Habe nichts darüber gefunden fände es aber sehr geschickt.


----------



## Beni (15. Jun 2007)

Nein, erlaubt es nicht. Beim switch geht es darum, möglichst schnell an einen bestimmten Punkt zu springen, möglichst ohne Vergleiche zu machen.


----------



## SlaterB (15. Jun 2007)

oh interessant,

abgesehen davon, dass das nicht gerade sinnvoll ist
(oder es sollte ein weiteres switch mit der Möglichkeit für Bereiche geben)
wie wird das denn intern gebaut, so dass es ohne Vergleiche geht?


----------



## Beni (15. Jun 2007)

Es gibt zwei Implementierungen:
- tableswitch: Entweder wird ein Array gemacht, in dem Sprungaddressen stehen.
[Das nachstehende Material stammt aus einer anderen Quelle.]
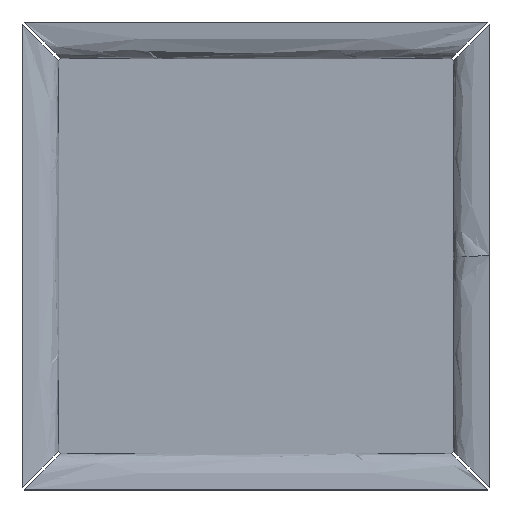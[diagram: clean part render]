
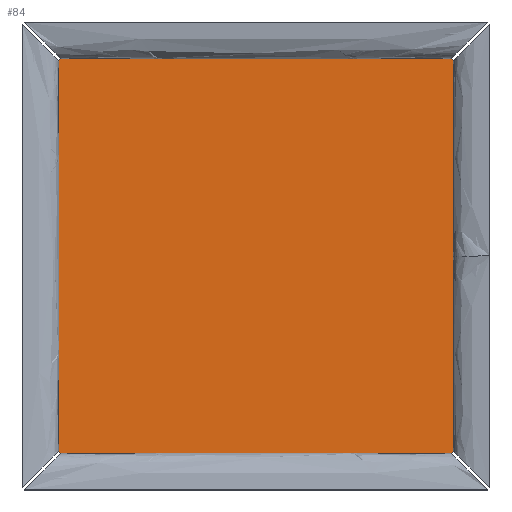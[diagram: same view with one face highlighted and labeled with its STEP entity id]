
A CAD part, top view. The second image highlights one B-rep face of the part: STEP entity #84.
In plain terms, the highlighted planar face has unit normal (0, 0, 1).
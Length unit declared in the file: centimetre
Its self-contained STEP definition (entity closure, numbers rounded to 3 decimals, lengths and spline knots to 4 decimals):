
#84=ADVANCED_FACE($,(#152),#852,.T.);
#152=FACE_OUTER_BOUND($,#220,.T.);
#220=EDGE_LOOP($,(#504,#505,#506,#507,#508,#509,#510,#511));
#504=ORIENTED_EDGE($,*,*,#674,.T.);
#505=ORIENTED_EDGE($,*,*,#688,.T.);
#506=ORIENTED_EDGE($,*,*,#687,.T.);
#507=ORIENTED_EDGE($,*,*,#686,.T.);
#508=ORIENTED_EDGE($,*,*,#685,.T.);
#509=ORIENTED_EDGE($,*,*,#684,.T.);
#510=ORIENTED_EDGE($,*,*,#683,.T.);
#511=ORIENTED_EDGE($,*,*,#682,.T.);
#674=EDGE_CURVE($,#777,#791,#994,.T.);
#682=EDGE_CURVE($,#785,#777,#1002,.T.);
#683=EDGE_CURVE($,#786,#785,#1003,.T.);
#684=EDGE_CURVE($,#787,#786,#1004,.T.);
#685=EDGE_CURVE($,#788,#787,#1005,.T.);
#686=EDGE_CURVE($,#789,#788,#1006,.T.);
#687=EDGE_CURVE($,#790,#789,#1007,.T.);
#688=EDGE_CURVE($,#791,#790,#1008,.T.);
#777=VERTEX_POINT($,#3707);
#785=VERTEX_POINT($,#3715);
#786=VERTEX_POINT($,#3716);
#787=VERTEX_POINT($,#3717);
#788=VERTEX_POINT($,#3718);
#789=VERTEX_POINT($,#3719);
#790=VERTEX_POINT($,#3720);
#791=VERTEX_POINT($,#3721);
#852=PLANE($,#1118);
#994=B_SPLINE_CURVE_WITH_KNOTS($,1,(#3652,#3653),.UNSPECIFIED.,.F.,.F.,(2,
2),(489.3042,490.5062),.UNSPECIFIED.);
#1002=B_SPLINE_CURVE_WITH_KNOTS($,1,(#3668,#3669),.UNSPECIFIED.,.F.,.F.,
(2,2),(981.0125,1143.3125),.UNSPECIFIED.);
#1003=B_SPLINE_CURVE_WITH_KNOTS($,1,(#3670,#3671),.UNSPECIFIED.,.F.,.F.,
(2,2),(979.8104,981.0125),.UNSPECIFIED.);
#1004=B_SPLINE_CURVE_WITH_KNOTS($,1,(#3672,#3673),.UNSPECIFIED.,.F.,.F.,
(2,2),(817.5104,979.8104),.UNSPECIFIED.);
#1005=B_SPLINE_CURVE_WITH_KNOTS($,1,(#3674,#3675),.UNSPECIFIED.,.F.,.F.,
(2,2),(816.3083,817.5104),.UNSPECIFIED.);
#1006=B_SPLINE_CURVE_WITH_KNOTS($,1,(#3676,#3677),.UNSPECIFIED.,.F.,.F.,
(2,2),(654.0083,816.3083),.UNSPECIFIED.);
#1007=B_SPLINE_CURVE_WITH_KNOTS($,1,(#3678,#3679),.UNSPECIFIED.,.F.,.F.,
(2,2),(652.8062,654.0083),.UNSPECIFIED.);
#1008=B_SPLINE_CURVE_WITH_KNOTS($,1,(#3680,#3681),.UNSPECIFIED.,.F.,.F.,
(2,2),(490.5062,652.8062),.UNSPECIFIED.);
#1118=AXIS2_PLACEMENT_3D($,#3698,#1143,$);
#1143=DIRECTION($,(0.,0.,1.));
#3652=CARTESIAN_POINT($,(0.85,164.,3.6));
#3653=CARTESIAN_POINT($,(0.,163.15,3.6));
#3668=CARTESIAN_POINT($,(163.15,164.,3.6));
#3669=CARTESIAN_POINT($,(0.85,164.,3.6));
#3670=CARTESIAN_POINT($,(164.,163.15,3.6));
#3671=CARTESIAN_POINT($,(163.15,164.,3.6));
#3672=CARTESIAN_POINT($,(164.,0.85,3.6));
#3673=CARTESIAN_POINT($,(164.,163.15,3.6));
#3674=CARTESIAN_POINT($,(163.15,0.,3.6));
#3675=CARTESIAN_POINT($,(164.,0.85,3.6));
#3676=CARTESIAN_POINT($,(0.85,0.,3.6));
#3677=CARTESIAN_POINT($,(163.15,0.,3.6));
#3678=CARTESIAN_POINT($,(0.,0.85,3.6));
#3679=CARTESIAN_POINT($,(0.85,0.,3.6));
#3680=CARTESIAN_POINT($,(0.,163.15,3.6));
#3681=CARTESIAN_POINT($,(0.,0.85,3.6));
#3698=CARTESIAN_POINT($,(0.,0.,3.6));
#3707=CARTESIAN_POINT($,(0.85,164.,3.6));
#3715=CARTESIAN_POINT($,(163.15,164.,3.6));
#3716=CARTESIAN_POINT($,(164.,163.15,3.6));
#3717=CARTESIAN_POINT($,(164.,0.85,3.6));
#3718=CARTESIAN_POINT($,(163.15,0.,3.6));
#3719=CARTESIAN_POINT($,(0.85,0.,3.6));
#3720=CARTESIAN_POINT($,(0.,0.85,3.6));
#3721=CARTESIAN_POINT($,(0.,163.15,3.6));

Der Wert im switch wird dann als Index verwendet, um die Sprungaddresse zu lesen, und dann wird gesprungen (... zu dem Bytecode, der ausgeführt werden soll).
- lookupswitch: Oder es wird eine Tabelle gemacht, wenn der Array zuviele "Löcher" hätte (weil es so Dinge wie "case 87586:" gibt...).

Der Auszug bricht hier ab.